One of the strange things about the pandemic has been the polarisation: if you live with other people, you probably haven’t had 15 minutes, let alone 24 hours, completely on your own for nearly 2 years now. If you live alone, you’ve probably been starved of company. I think this has been one of the most profound but unacknowledged stresses: most of us need to ebb and flow. We need time with others for stimulation and energy and belonging, but we also need time alone for just being, for synthesising and recuperating. We’re designed as cyclical creatures, from the most basic microcycle of breathing in and out to the annual cycle of the seasons, and if the New Year to come is our time for resolutions and purposeful action, the days before it, these Twixtmas days, are a time for gathering our resources quietly, relaxing and massaging our tightly bunched cognitive muscles so that we’re ready to pick up the weight of the year again next week. And I hesitate to say it, but it’s also a reminder that our own individual cycles aren’t forever, that we are finite beings. I often think this when I don’t want to go for a run: I’m on day 1,305 right now, and I don’t know how long this goldenyear streak will last, but I know it’ll have to end one day, and I say to myself, today is not that day. One Christmas, one New Year, will be our last, and we probably won’t know it.. All we can know it’s now one year closer. So whatever it is we’re here to do, let’s do it while we still can, and be grateful.

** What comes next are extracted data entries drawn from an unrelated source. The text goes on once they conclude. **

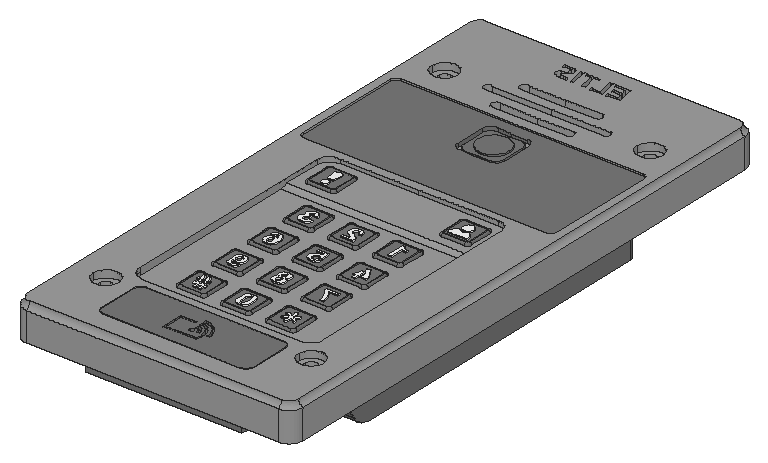
Revit family "Блок вызова_DP7000ipHybrid-KEDC", category Устройства вызова и оповещения, Revit 2019
Family settings
  Сохранять ориентацию аннотаций = Нет
  Размер круглого соединителя = Использовать диаметр
  Тип детали = Нормальный
  На основе рабочей плоскости = Нет
  Всегда вертикально = Да
  При загрузке вырезать с полостями = Нет
  Общий = Нет
  Точка расчета площади = Нет
Parameters
  Показ болта [instance] = yes
  Отступ от грани [instance] = 500 mm
  Описание = "Блок вызова DP7000ipHybrid-KEDC"
  Горизонтально [instance] = not(Вертикально)  # yes
  Вертикально [instance] = no
  ADSK_Этаж [instance] = ""
  ADSK_Обозначение = "DP7000ipHybrid-KEDC"
  ADSK_Наименование краткое = "Блок вызова"
  ADSK_Наименование = "Блок вызова DP7000ipHybrid-KEDC"
  ADSK_Масса = 1
  ADSK_Марка = "DP7000ipHybrid-KEDC"
  ADSK_Завод-изготовитель = "ELTIS"  # constant formula
Reference planes
  plane 1 "По центру (Вперед/Назад)": y = 0
  plane 2: z = 0
  plane 3 "По центру (Влево/Вправо)": x = 0
  plane 4 "TRT": z = 500
  plane 5 "RTR": z = 493.341
Dimensions and locks
  "Отступ от грани": plane 4 "TRT" to level
  aligned and locked: level to plane 2
  aligned and locked: plane 3 "По центру (Влево/Вправо)" to nested 1
  aligned and locked: nested 1 to plane 1 "По центру (Вперед/Назад)"
  aligned and locked: plane 4 "TRT" to nested 1
  aligned and locked: plane 3 "По центру (Влево/Вправо)" to nested 2
  aligned and locked: plane 1 "По центру (Вперед/Назад)" to nested 2
  aligned and locked: plane 5 "RTR" to nested 2
Nested families
  nested 1: "_5000" at (0, 0, 653) x (1, 0, 0) z (0, -1, 0), visible <- "Вертикально", Видимость <- "Показ болта", type "_5000"
    with Видимость yes
  nested 2: "_5000" at (0, 29.355, 500) x (-1, 0, 0) z (0, 0, 1), visible <- "Горизонтально", Видимость <- "Показ болта", type "_5000"
    with Видимость yes
Connectors
  electrical at (0, 0, 493.341)
    settings: index 1, voltage 0 V, apparent load 0 VA, apparent load phase1 0 VA, apparent load phase2 0 VA, apparent load phase3 0 VA, power factor 1, load classification "Прочее", number of poles 1, system type 31, power factor state 1, is connector primary yes, connector utility no, sub classification motor no, connector description ""
Definition of nested family "_5000"
  Parameters (values of type "_5000")
    Черый цвет = none
    Синий цвет = none
    Серый цвет = none
    Default Elevation = 1219.2 mm
    Видимость [instance] = yes
    Белый цвет = none
    Бежевый цвет = none
  Reference planes
    plane 1 "Уууу": y = 0
    plane 2: z = 0
    plane 3 "Пккккккк": x = 0
  Forms (mm)
    Extrusion 1, solid
      sketch origin (0, 0, 0) x (1, 0, 0) y (0, 1, 0)
        loop
          line (-1219.2, 1219.2) -> (-1219.2, -1219.2) -> (1219.2, -1219.2) -> (1219.2, 1219.2) -> (-1219.2, 1219.2)
      from 0 to -304.8
    Extrusion 2, solid, material <- "Серый цвет", detail levels medium+fine
      sketch origin (0, 0, 0) x (1, 0, 0) y (0, 1, 0)
        loop
          line (-56.452, -153) -> (56.531, -153)
          arc (56.531, -153) -> (60.752, -151.252) -> (62.5, -147.031) r 5.969
          line (62.5, -147.031) -> (62.5, 101.045)
          arc (62.5, 101.045) -> (60.756, 105.256) -> (56.545, 107) r 5.955
          line (56.545, 107) -> (-56.475, 107)
          arc (-56.475, 107) -> (-60.735, 105.235) -> (-62.5, 100.975) r 6.025
          line (-62.5, 100.975) -> (-62.5, -146.952)
          arc (-62.5, -146.952) -> (-60.728, -151.228) -> (-56.452, -153) r 6.048
        loop
          circle (-46, -121.591) r 2.8
        loop
          circle (-46, 68.566) r 2.8
        loop
          circle (46, -121.591) r 2.8
        loop
          circle (46, 68.566) r 2.8
      from 0 to 16
    Extrusion 3, void, detail levels medium+fine
      sketch origin (0, 0, 0) x (1, 0, 0) y (0, 1, 0)
        loop
          arc (-54.219, 54) -> (-56.199, 53.18) -> (-57.019, 51.2) r 2.8
          line (-57.019, 51.2) -> (-57.019, 2.7)
          arc (-57.019, 2.7) -> (-56.135, 0.565) -> (-54, -0.319) r 3.019
          line (-54, -0.319) -> (0, -0.319) -> (54, -0.319)
          arc (54, -0.319) -> (56.135, 0.565) -> (57.019, 2.7) r 3.019
          line (57.019, 2.7) -> (57.019, 51.2)
          arc (57.019, 51.2) -> (56.199, 53.18) -> (54.219, 54) r 2.8
          line (54.219, 54) -> (0, 54) -> (-54.219, 54)
        loop
          arc (-35.6, -3.566) -> (-39.705, -5.266) -> (-41.405, -9.371) r 5.805
          line (-41.405, -9.371) -> (-41.405, -108.6)
          arc (-41.405, -108.6) -> (-39.705, -112.705) -> (-35.6, -114.405) r 5.805
          line (-35.6, -114.405) -> (0, -114.405) -> (35.6, -114.405)
          arc (35.6, -114.405) -> (39.705, -112.705) -> (41.405, -108.6) r 5.805
          line (41.405, -108.6) -> (41.405, -9.371)
          arc (41.405, -9.371) -> (39.705, -5.266) -> (35.6, -3.566) r 5.805
          line (35.6, -3.566) -> (0, -3.566) -> (-35.6, -3.566)
      from 14 to 30
    Extrusion 4, void, detail levels medium+fine
      sketch origin (0, 0, 0) x (1, 0, 0) y (0, 1, 0)
        loop
          line (-34.105, -121.571) -> (-34.105, -138.571)
          arc (-34.105, -138.571) -> (-33.049, -141.12) -> (-30.5, -142.175) r 3.605
          line (-30.5, -142.175) -> (0, -142.175) -> (30.5, -142.175)
          arc (30.5, -142.175) -> (33.049, -141.12) -> (34.105, -138.571) r 3.605
          line (34.105, -138.571) -> (34.105, -121.571)
          arc (34.105, -121.571) -> (33.049, -119.022) -> (30.5, -117.966) r 3.605
          line (30.5, -117.966) -> (0, -117.966) -> (-30.5, -117.966)
          arc (-30.5, -117.966) -> (-33.049, -119.022) -> (-34.105, -121.571) r 3.605
      from 14 to 30
    Extrusion 5, void, detail levels fine
      sketch origin (0, 0, 0) x (1, 0, 0) y (0, 1, 0)
        loop
          line (0, 78.499) -> (-16.5, 78.499)
          arc (-16.5, 78.499) -> (-18.57, 76.429) -> (-16.5, 74.36) r 2.07
          line (-16.5, 74.36) -> (0, 74.36) -> (16.5, 74.36)
          arc (16.5, 74.36) -> (18.57, 76.429) -> (16.5, 78.499) r 2.07
          line (16.5, 78.499) -> (0, 78.499)
        loop
          line (0, 62.439) -> (-16.5, 62.439)
          arc (-16.5, 62.439) -> (-18.57, 60.369) -> (-16.5, 58.299) r 2.07
          line (-16.5, 58.299) -> (0, 58.299) -> (16.5, 58.299)
          arc (16.5, 58.299) -> (18.57, 60.369) -> (16.5, 62.439) r 2.07
          line (16.5, 62.439) -> (0, 62.439)
        loop
          line (0, 70.554) -> (-26.39, 70.554)
          arc (-26.39, 70.554) -> (-28.46, 68.484) -> (-26.39, 66.414) r 2.07
          line (-26.39, 66.414) -> (0, 66.414) -> (26.39, 66.414)
          arc (26.39, 66.414) -> (28.46, 68.484) -> (26.39, 70.554) r 2.07
          line (26.39, 70.554) -> (0, 70.554)
      from 13 to 30
    Extrusion 6, void, detail levels medium+fine
      sketch origin (0, 0, 0) x (1, 0, 0) y (0, 1, 0)
        loop
          line (-13.907, 97.838) -> (-15.774, 89.75) -> (-9.296, 89.75) -> (-8.991, 91.069) -> (-13.744, 91.069) -> (-13.253, 93.198) -> (-9.102, 93.198) -> (-8.779, 94.598) -> (-12.929, 94.598) -> (-12.484, 96.526) -> (-7.731, 96.526) -> (-7.429, 97.838) -> (-13.907, 97.838)
        loop
          line (-6.308, 97.838) -> (-7.989, 89.75) -> (-2.2, 89.75) -> (-1.895, 91.069) -> (-6.033, 91.069) -> (-4.626, 97.838) -> (-6.308, 97.838)
        loop
          line (-0.74, 97.838) -> (-1.013, 96.526) -> (1.409, 96.526) -> (0, 89.75) -> (1.661, 89.75) -> (3.07, 96.526) -> (5.41, 96.526) -> (5.682, 97.838) -> (-0.74, 97.838)
        loop
          line (6.65, 97.838) -> (4.968, 89.748) -> (6.688, 89.748) -> (8.37, 97.838) -> (6.65, 97.838)
        loop
          line (15.263, 96.265) -> (15.66, 97.838) -> (11.545, 97.838)
          arc (11.545, 97.838) -> (9.61, 96.822) -> (9.621, 94.636) r 2.104
          line (9.621, 94.636) -> (12.156, 92.726)
          arc (12.156, 92.726) -> (12.701, 92.029) -> (12.253, 91.265) r 0.787
          line (12.253, 91.265) -> (8.529, 91.265) -> (8.213, 89.748) -> (12.667, 89.748)
          arc (12.667, 89.748) -> (13.561, 90.076) -> (14.332, 90.633) r 3.483
          arc (14.332, 90.633) -> (14.908, 92.156) -> (14.085, 93.561) r 1.887
          line (14.085, 93.561) -> (11.642, 95.212)
          arc (11.642, 95.212) -> (11.457, 95.807) -> (11.88, 96.265) r 0.624
          line (11.88, 96.265) -> (15.263, 96.265)
      from 14 to 30
    Extrusion 7, void, detail levels fine
      sketch origin (0, 0, 0) x (1, 0, 0) y (0, 1, 0)
        loop
          circle (-46.058, 68.453) r 5.773
        loop
          circle (-46.058, -121.547) r 5.773
        loop
          circle (46.058, 68.453) r 5.773
        loop
          circle (46.058, -121.547) r 5.773
      from 13 to 30
    Extrusion 8, void, detail levels medium+fine
      sketch origin (0, 0, 0) x (0, 1, 0) y (0, 0, 1)
        loop
          line (-24.213, 16) -> (-24.213, 21) -> (-104.405, 21) -> (-104.405, 16) -> (-104.405, 13.031) -> (-29.355, 13.031)
          arc (-29.355, 13.031) -> (-26.455, 13.946) -> (-24.213, 16) r 7.026
      from -41.405 to 41.405
    Extrusion 9, void
      sketch origin (0, 0, 0) x (1, 0, 0) y (0, 1, 0)
        loop
          arc (-41.405, -108.6) -> (-39.705, -112.705) -> (-35.6, -114.405) r 5.805
          line (-35.6, -114.405) -> (35.6, -114.405)
          arc (35.6, -114.405) -> (39.705, -112.705) -> (41.405, -108.6) r 5.805
          line (41.405, -108.6) -> (41.405, -104.405) -> (-41.405, -104.405) -> (-41.405, -108.6)
      from 13 to 30
    Sweep 10, void
      path in 3D
        loop
          arc (-62.5, -146.952, 16) -> (-60.728, -151.228, 16) -> (-56.452, -153, 16) r 6.048
          line (-56.452, -153, 16) -> (56.531, -153, 16)
          arc (56.531, -153, 16) -> (60.752, -151.252, 16) -> (62.5, -147.031, 16) r 5.969
          line (62.5, -147.031, 16) -> (62.5, 101.045, 16)
          arc (62.5, 101.045, 16) -> (60.756, 105.256, 16) -> (56.545, 107, 16) r 5.955
          line (56.545, 107, 16) -> (-56.475, 107, 16)
          arc (-56.475, 107, 16) -> (-60.735, 105.235, 16) -> (-62.5, 100.975, 16) r 6.025
          line (-62.5, 100.975, 16) -> (-62.5, -146.952, 16)
      profile origin (-62.5, -22.988, 16) x (1, 0, 0) y (0, 0, 1)
        loop
          line (1.866, 0) -> (0, 0) -> (0, -2.874)
          arc (0, -2.874) -> (1.368, -1.719) -> (1.866, 0) r 3.088
    Extrusion 11, void
      sketch origin (0, 0, 0) x (1, 0, 0) y (0, 1, 0)
        loop
          line (0, 47.003) -> (-5.103, 47.003)
          arc (-5.103, 47.003) -> (-7.79, 45.89) -> (-8.903, 43.203) r 3.8
          line (-8.903, 43.203) -> (-8.903, 32.861)
          arc (-8.903, 32.861) -> (-7.83, 30.27) -> (-5.239, 29.197) r 3.664
          line (-5.239, 29.197) -> (0, 29.197) -> (5.239, 29.197)
          arc (5.239, 29.197) -> (7.83, 30.27) -> (8.903, 32.861) r 3.664
          line (8.903, 32.861) -> (8.903, 43.203)
          arc (8.903, 43.203) -> (7.79, 45.89) -> (5.103, 47.003) r 3.8
          line (5.103, 47.003) -> (0, 47.003)
      from 13 to 30
    Extrusion 12, solid, material <- "Черый цвет", detail levels medium+fine
      sketch origin (0, 0, 0) x (1, 0, 0) y (0, 1, 0)
        loop
          line (-10.45, 44.9) -> (-10.45, 31.4)
          arc (-10.45, 31.4) -> (-9.414, 28.9) -> (-6.914, 27.864) r 3.536
          line (-6.914, 27.864) -> (0, 27.864) -> (6.914, 27.864)
          arc (6.914, 27.864) -> (9.414, 28.9) -> (10.45, 31.4) r 3.536
          line (10.45, 31.4) -> (10.45, 44.9)
          arc (10.45, 44.9) -> (9.337, 47.587) -> (6.65, 48.7) r 3.8
          line (6.65, 48.7) -> (0, 48.7) -> (-6.65, 48.7)
          arc (-6.65, 48.7) -> (-9.337, 47.587) -> (-10.45, 44.9) r 3.8
        loop
          arc (-54.219, 54) -> (-56.199, 53.18) -> (-57.019, 51.2) r 2.8
          line (-57.019, 51.2) -> (-57.019, 2.7)
          arc (-57.019, 2.7) -> (-56.135, 0.565) -> (-54, -0.319) r 3.019
          line (-54, -0.319) -> (0, -0.319) -> (54, -0.319)
          arc (54, -0.319) -> (56.135, 0.565) -> (57.019, 2.7) r 3.019
          line (57.019, 2.7) -> (57.019, 51.2)
          arc (57.019, 51.2) -> (56.199, 53.18) -> (54.219, 54) r 2.8
          line (54.219, 54) -> (0, 54) -> (-54.219, 54)
        loop
          circle (0, 38.282) r 7.008
      from 13 to 15.5
    Extrusion 13, solid, material <- "Черый цвет", detail levels medium+fine
      sketch origin (0, 0, 0) x (1, 0, 0) y (0, 1, 0)
        loop
          arc (-30.5, -117.966) -> (-33.049, -119.022) -> (-34.105, -121.571) r 3.605
          line (-34.105, -121.571) -> (-34.105, -138.571)
          arc (-34.105, -138.571) -> (-33.049, -141.12) -> (-30.5, -142.175) r 3.605
          line (-30.5, -142.175) -> (30.5, -142.175)
          arc (30.5, -142.175) -> (33.049, -141.12) -> (34.105, -138.571) r 3.605
          line (34.105, -138.571) -> (34.105, -121.571)
          arc (34.105, -121.571) -> (33.049, -119.022) -> (30.5, -117.966) r 3.605
          line (30.5, -117.966) -> (-30.5, -117.966)
      from 13 to 16
    Extrusion 14, void
      sketch origin (0, 0, 0) x (1, 0, 0) y (0, 1, 0)
        loop
          line (1.465, -126.203) -> (1.465, -127.35) -> (7.9, -127.35) -> (7.9, -135.292) -> (-5.45, -135.292) -> (-5.45, -133.725) -> (-6.579, -133.725) -> (-6.579, -136.294) -> (8.95, -136.294) -> (8.95, -126.203) -> (1.465, -126.203)
        loop
          circle (-0.871, -131.869) r 1.072
        loop
          line (-8.847, -131.944) -> (-7.668, -131.944)
          arc (-7.668, -131.944) -> (-5.624, -127.009) -> (-0.689, -124.965) r 6.979
          line (-0.689, -124.965) -> (-0.689, -123.785)
          arc (-0.689, -123.785) -> (-6.458, -126.175) -> (-8.847, -131.944) r 8.159
        loop
          line (-6.579, -131.944) -> (-5.45, -131.944)
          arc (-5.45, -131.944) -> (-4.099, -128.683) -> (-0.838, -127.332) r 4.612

So what are we to do with all of that? If you know me at all, you’ll know I’m a great one for the ‘so what’: I’m all about the practical inspiration. That was the whole point behind the name of the publishing house I founded nearly 8 years ago: I want the ideas I bring into my life, the books we publish, to be inspiring, yes, but also practical, I want to know how to apply them to make life or work or ideally both better.
Maybe today is the day to let go of that. Maybe just thinking the thoughts is enough – let them in, play with them, see what emerges for you.
If that sounds good, leave it there. If you have the same impulse as me – what do I do with this? – I’ll just suggest one thing: find some space over the next few days and find some solitude, but instead of your phone, take a pad and a pen with you, and write if you want. Don’t if you don’t, no pressure. I find it helpful, you might too.
And if you want even more direction, try this prompt: ‘What brought me life and energy this year, and how can I build on that next year?’
And that’s it for this week, and indeed for this year. There’s no virtual campfire this week but I’ll be back next week with episode 300, what a way to start 2022. In the meantime, enjoy the rest of Twixtmas, and I hope your new year is everything you’re hoping for. I’m looking forward to 2022 – I’ll be working on some very exciting projects and of course publishing more fantastic business books. But right now I’m going to go and do pretty much nothing, very, very happily. Goodbye for now!